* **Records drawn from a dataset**
* * * * * * *

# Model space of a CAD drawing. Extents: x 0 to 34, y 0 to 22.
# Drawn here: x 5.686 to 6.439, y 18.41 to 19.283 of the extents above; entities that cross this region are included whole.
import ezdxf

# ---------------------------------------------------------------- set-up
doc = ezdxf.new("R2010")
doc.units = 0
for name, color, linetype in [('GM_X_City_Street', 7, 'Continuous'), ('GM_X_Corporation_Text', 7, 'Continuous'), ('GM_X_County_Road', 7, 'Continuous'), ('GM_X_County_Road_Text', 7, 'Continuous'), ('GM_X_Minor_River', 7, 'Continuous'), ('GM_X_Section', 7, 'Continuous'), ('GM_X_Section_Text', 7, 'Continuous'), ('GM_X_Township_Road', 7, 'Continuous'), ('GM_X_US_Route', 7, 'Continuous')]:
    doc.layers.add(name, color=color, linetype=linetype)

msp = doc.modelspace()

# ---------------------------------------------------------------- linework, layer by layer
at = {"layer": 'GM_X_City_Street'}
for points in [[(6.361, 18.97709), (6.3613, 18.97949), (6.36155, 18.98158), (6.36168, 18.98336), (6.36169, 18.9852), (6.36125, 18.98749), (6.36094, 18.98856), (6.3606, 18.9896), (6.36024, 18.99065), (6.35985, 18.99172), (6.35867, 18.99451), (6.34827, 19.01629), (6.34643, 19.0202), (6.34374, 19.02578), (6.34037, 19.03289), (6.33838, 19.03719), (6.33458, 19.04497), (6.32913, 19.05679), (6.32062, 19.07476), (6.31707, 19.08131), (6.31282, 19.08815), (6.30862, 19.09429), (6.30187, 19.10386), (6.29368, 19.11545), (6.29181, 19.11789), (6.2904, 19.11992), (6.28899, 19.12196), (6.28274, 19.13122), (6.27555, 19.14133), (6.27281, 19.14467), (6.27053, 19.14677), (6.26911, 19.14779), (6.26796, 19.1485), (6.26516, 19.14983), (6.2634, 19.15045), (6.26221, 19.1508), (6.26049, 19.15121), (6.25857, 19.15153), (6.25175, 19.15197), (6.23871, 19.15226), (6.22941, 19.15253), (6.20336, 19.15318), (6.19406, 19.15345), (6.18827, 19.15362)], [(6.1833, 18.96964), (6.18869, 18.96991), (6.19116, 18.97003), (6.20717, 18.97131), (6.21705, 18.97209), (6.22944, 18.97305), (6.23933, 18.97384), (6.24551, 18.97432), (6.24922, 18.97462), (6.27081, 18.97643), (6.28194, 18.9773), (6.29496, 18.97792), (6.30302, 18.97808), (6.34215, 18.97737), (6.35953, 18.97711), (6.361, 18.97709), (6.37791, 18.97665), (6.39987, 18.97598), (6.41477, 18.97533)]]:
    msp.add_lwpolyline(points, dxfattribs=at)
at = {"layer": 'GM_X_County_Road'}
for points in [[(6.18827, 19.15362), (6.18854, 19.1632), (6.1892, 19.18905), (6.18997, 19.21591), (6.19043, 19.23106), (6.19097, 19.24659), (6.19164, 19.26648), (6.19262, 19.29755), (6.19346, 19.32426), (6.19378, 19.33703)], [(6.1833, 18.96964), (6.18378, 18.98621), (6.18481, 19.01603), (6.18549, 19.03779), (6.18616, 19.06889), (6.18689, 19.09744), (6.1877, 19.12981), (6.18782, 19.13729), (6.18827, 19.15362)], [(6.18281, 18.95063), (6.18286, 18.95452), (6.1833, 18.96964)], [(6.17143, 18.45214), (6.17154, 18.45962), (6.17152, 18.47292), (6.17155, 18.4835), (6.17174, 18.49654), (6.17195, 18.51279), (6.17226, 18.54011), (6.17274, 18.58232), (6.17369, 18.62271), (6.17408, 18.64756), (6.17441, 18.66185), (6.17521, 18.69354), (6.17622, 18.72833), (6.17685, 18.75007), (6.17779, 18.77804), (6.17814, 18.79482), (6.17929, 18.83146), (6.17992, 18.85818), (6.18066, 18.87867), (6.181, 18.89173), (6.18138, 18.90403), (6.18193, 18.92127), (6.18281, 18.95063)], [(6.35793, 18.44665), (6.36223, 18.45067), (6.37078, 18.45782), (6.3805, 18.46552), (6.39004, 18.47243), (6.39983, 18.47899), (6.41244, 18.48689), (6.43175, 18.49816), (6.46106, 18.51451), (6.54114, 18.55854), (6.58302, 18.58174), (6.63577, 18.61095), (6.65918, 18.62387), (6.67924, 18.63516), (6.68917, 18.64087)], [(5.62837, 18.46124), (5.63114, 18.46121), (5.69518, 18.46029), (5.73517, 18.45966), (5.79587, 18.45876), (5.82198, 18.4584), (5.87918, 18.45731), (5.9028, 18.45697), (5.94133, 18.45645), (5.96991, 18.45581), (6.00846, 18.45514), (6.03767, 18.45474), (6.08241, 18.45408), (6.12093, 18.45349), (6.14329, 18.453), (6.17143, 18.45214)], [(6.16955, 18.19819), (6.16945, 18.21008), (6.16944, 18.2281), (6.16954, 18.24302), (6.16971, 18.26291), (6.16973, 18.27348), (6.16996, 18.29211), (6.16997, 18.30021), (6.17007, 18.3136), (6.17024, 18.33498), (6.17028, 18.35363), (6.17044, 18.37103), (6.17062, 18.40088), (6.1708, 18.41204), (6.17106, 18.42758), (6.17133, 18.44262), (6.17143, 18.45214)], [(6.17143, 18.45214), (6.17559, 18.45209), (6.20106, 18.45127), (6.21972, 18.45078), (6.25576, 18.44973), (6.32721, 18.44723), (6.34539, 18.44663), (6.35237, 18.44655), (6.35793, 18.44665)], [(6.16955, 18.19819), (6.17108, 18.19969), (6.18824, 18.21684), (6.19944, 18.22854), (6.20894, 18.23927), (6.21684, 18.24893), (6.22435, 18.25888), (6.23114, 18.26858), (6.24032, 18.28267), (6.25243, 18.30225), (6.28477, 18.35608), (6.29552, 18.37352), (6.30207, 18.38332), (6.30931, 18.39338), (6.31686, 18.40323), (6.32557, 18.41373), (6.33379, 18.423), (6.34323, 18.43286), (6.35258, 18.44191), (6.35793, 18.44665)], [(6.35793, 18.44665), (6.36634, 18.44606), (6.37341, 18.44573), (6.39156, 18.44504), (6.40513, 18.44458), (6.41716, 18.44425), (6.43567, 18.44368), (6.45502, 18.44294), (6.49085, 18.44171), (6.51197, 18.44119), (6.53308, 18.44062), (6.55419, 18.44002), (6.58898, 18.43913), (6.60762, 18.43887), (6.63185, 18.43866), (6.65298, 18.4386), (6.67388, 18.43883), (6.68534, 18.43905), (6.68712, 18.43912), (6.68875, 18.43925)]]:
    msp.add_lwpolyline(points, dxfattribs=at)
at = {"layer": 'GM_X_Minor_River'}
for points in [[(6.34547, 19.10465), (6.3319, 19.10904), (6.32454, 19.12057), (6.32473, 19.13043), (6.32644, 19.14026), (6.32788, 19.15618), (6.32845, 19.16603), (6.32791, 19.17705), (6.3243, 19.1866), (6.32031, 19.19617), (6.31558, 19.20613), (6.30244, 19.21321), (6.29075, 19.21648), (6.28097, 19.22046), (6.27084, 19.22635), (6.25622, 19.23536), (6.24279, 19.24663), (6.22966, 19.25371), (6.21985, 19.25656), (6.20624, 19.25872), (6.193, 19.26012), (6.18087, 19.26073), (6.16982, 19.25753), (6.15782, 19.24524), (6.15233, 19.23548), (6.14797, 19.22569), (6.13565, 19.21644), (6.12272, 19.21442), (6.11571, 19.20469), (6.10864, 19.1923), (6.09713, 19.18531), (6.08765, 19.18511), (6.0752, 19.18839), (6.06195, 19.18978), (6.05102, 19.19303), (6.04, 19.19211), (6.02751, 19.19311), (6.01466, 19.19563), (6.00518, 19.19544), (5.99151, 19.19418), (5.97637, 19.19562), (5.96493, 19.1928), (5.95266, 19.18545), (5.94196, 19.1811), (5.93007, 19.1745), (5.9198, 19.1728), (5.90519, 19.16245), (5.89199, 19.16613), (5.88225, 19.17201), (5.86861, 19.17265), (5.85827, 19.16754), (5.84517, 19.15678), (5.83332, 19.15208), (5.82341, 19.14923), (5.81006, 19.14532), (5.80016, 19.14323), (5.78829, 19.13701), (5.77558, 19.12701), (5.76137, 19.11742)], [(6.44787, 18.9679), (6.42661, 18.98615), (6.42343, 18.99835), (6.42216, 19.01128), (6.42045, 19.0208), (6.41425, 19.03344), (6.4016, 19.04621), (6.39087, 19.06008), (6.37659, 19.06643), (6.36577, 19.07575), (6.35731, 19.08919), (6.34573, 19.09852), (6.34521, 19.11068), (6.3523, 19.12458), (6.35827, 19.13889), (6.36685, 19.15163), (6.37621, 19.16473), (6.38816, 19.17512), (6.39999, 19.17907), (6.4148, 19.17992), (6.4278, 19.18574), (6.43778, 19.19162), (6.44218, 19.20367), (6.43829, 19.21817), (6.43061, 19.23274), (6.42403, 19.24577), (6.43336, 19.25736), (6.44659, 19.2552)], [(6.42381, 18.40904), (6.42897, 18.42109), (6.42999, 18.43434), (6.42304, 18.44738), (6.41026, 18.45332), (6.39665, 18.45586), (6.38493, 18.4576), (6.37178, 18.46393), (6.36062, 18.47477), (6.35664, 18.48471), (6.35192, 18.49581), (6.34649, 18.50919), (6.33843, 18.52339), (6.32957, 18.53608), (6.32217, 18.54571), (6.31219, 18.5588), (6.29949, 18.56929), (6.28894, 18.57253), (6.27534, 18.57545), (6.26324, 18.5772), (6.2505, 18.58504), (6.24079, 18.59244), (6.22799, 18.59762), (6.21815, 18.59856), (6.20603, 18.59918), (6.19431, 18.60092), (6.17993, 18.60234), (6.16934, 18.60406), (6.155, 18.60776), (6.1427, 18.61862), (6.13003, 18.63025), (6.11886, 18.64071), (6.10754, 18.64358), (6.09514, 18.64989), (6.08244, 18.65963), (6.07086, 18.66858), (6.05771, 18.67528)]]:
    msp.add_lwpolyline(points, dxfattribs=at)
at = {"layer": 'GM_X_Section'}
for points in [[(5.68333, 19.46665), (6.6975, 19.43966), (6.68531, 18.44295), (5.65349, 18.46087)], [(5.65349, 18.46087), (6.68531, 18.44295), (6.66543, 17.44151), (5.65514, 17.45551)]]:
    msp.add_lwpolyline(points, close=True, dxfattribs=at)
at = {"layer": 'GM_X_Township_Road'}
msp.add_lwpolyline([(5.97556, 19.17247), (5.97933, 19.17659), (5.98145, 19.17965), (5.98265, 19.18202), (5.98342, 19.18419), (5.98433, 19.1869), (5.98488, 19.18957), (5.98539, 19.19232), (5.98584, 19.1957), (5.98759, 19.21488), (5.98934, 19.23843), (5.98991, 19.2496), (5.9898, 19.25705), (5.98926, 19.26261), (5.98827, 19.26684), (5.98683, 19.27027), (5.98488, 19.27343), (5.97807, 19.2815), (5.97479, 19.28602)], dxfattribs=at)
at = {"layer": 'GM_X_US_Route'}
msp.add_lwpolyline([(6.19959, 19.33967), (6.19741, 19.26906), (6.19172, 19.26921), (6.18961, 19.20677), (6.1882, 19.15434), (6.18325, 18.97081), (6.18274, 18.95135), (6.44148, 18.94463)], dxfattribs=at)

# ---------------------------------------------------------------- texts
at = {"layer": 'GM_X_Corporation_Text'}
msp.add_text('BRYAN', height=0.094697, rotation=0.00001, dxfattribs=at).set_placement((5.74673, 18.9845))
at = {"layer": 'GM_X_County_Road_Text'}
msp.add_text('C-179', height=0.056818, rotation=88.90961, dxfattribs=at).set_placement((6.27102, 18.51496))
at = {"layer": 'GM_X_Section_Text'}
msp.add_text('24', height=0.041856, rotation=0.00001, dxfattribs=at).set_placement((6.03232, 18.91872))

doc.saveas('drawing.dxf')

* * * * * * *

* **REQUIREMENT**
Could you please copy the lines above exactly, beginning at the first and ending at the line that contains "doc.units = 0"?

* **FINAL ANSWER**
# Model space of a CAD drawing. Extents: x 0 to 34, y 0 to 22.
# Drawn here: x 5.686 to 6.439, y 18.41 to 19.283 of the extents above; entities that cross this region are included whole.
import ezdxf

# ---------------------------------------------------------------- set-up
doc = ezdxf.new("R2010")
doc.units = 0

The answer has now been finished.